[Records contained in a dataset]
◇ ◇ ◇ ◇ ◇ ◇ ◇

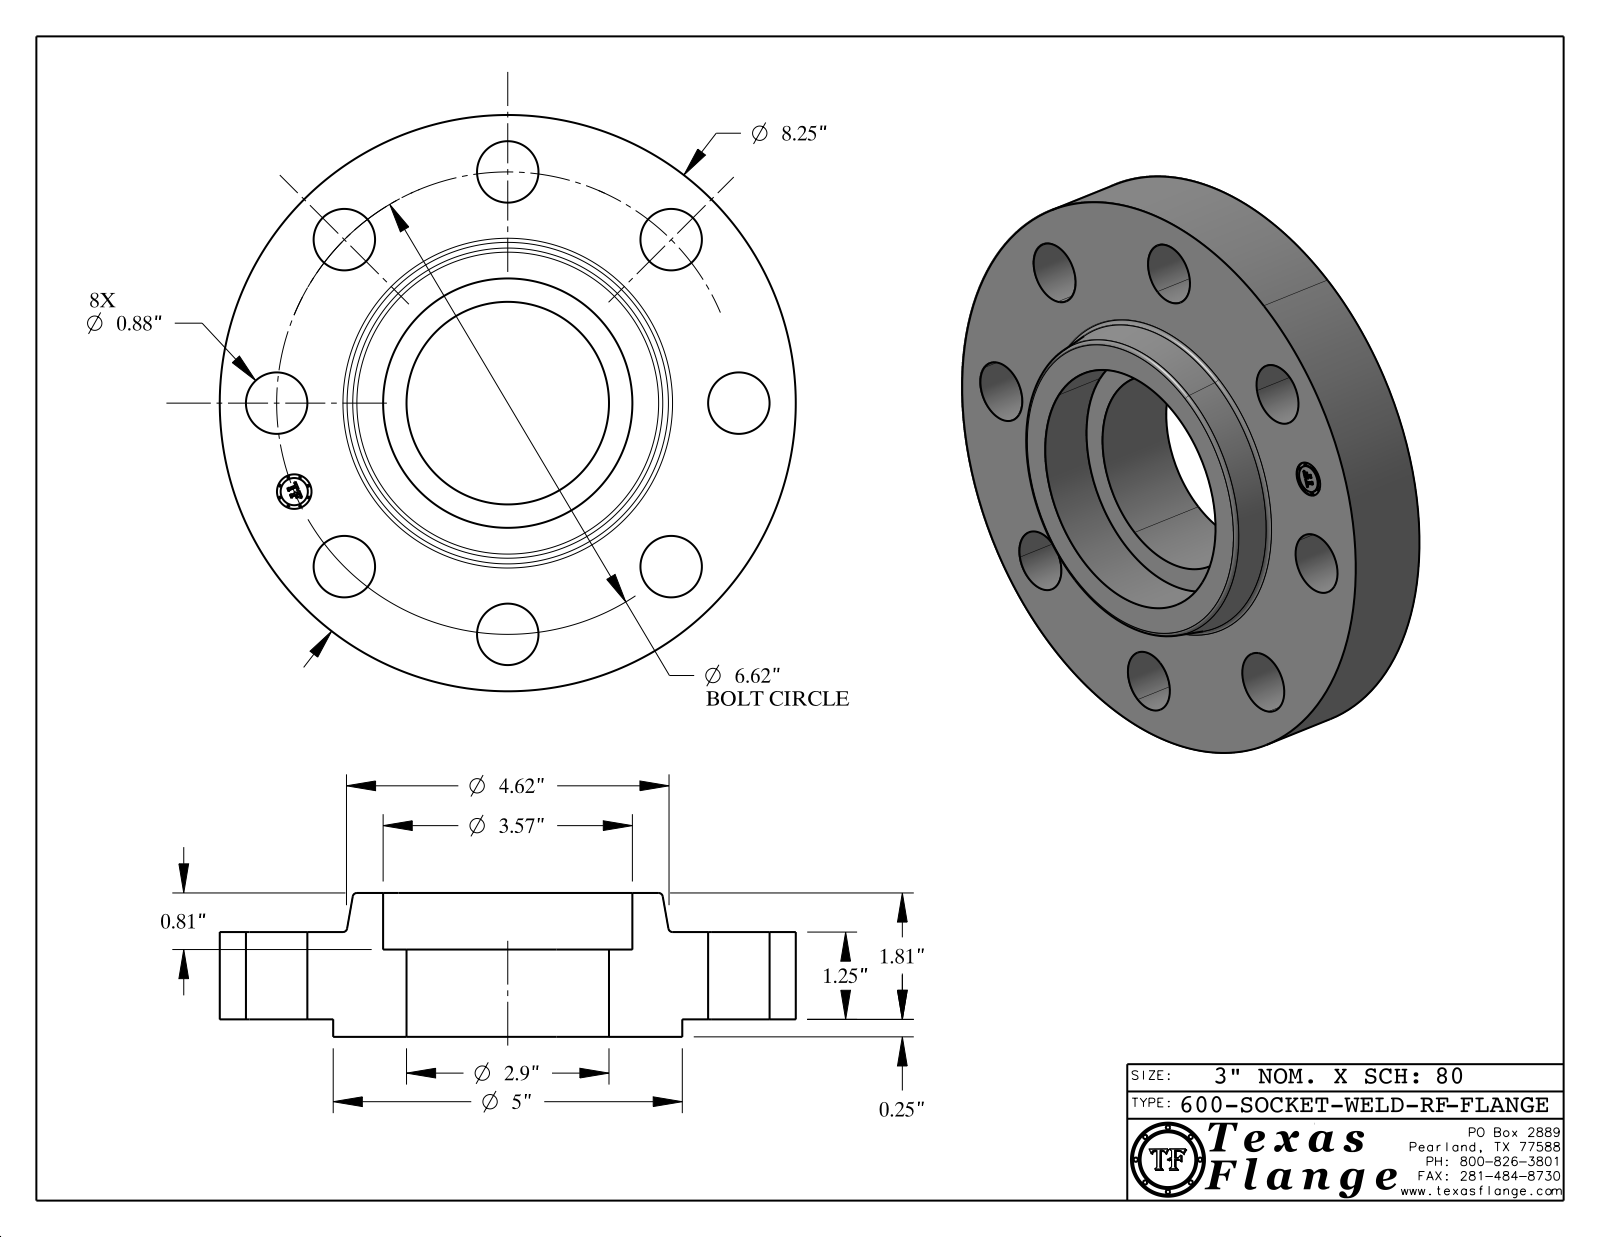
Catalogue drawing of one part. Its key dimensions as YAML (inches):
part_name: "600-SOCKET-WELD-RF"
step_written_by: "CATIA V5 STEP AP214 (AUTOMOTIVE_DESIGN)"
units: inches
bodies: {solids: 1, faces: 420, planar: 370, cylindrical: 44, other: 6}
overall_size: [8.25, 8.25, 2.06]
volume: 58.27
surface_area: 174.7
round_holes:
  - {diameter: 0.88, count: 8}
  - {diameter: 0.495, count: 1}
  - {diameter: 2.9, count: 1}
  - {diameter: 3.57, count: 1}
round_bosses_or_shafts:
  - {diameter: 0.03, count: 8}
  - {diameter: 8.25, count: 1}
  - {diameter: 5, count: 1}
  - {diameter: 0.39, count: 1}
face_to_face_distances: [1.25, 0.25, 1.5, 2.06, 1.81, 0.56, 1, 0.81, 0.015, 1.485]
hole_center_spacings: [3.31, 2.533, 6.116, 4.681, 4.681, 1.291, 3.678, 6.493]

◇ ◇ ◇ ◇ ◇ ◇ ◇

### Work to complete
Copy each line above precisely, dropping the pictures.

### Task result
Catalogue drawing of one part. Its key dimensions as YAML (inches):
part_name: "600-SOCKET-WELD-RF"
step_written_by: "CATIA V5 STEP AP214 (AUTOMOTIVE_DESIGN)"
units: inches
bodies: {solids: 1, faces: 420, planar: 370, cylindrical: 44, other: 6}
overall_size: [8.25, 8.25, 2.06]
volume: 58.27
surface_area: 174.7
round_holes:
  - {diameter: 0.88, count: 8}
  - {diameter: 0.495, count: 1}
  - {diameter: 2.9, count: 1}
  - {diameter: 3.57, count: 1}
round_bosses_or_shafts:
  - {diameter: 0.03, count: 8}
  - {diameter: 8.25, count: 1}
  - {diameter: 5, count: 1}
  - {diameter: 0.39, count: 1}
face_to_face_distances: [1.25, 0.25, 1.5, 2.06, 1.81, 0.56, 1, 0.81, 0.015, 1.485]
hole_center_spacings: [3.31, 2.533, 6.116, 4.681, 4.681, 1.291, 3.678, 6.493]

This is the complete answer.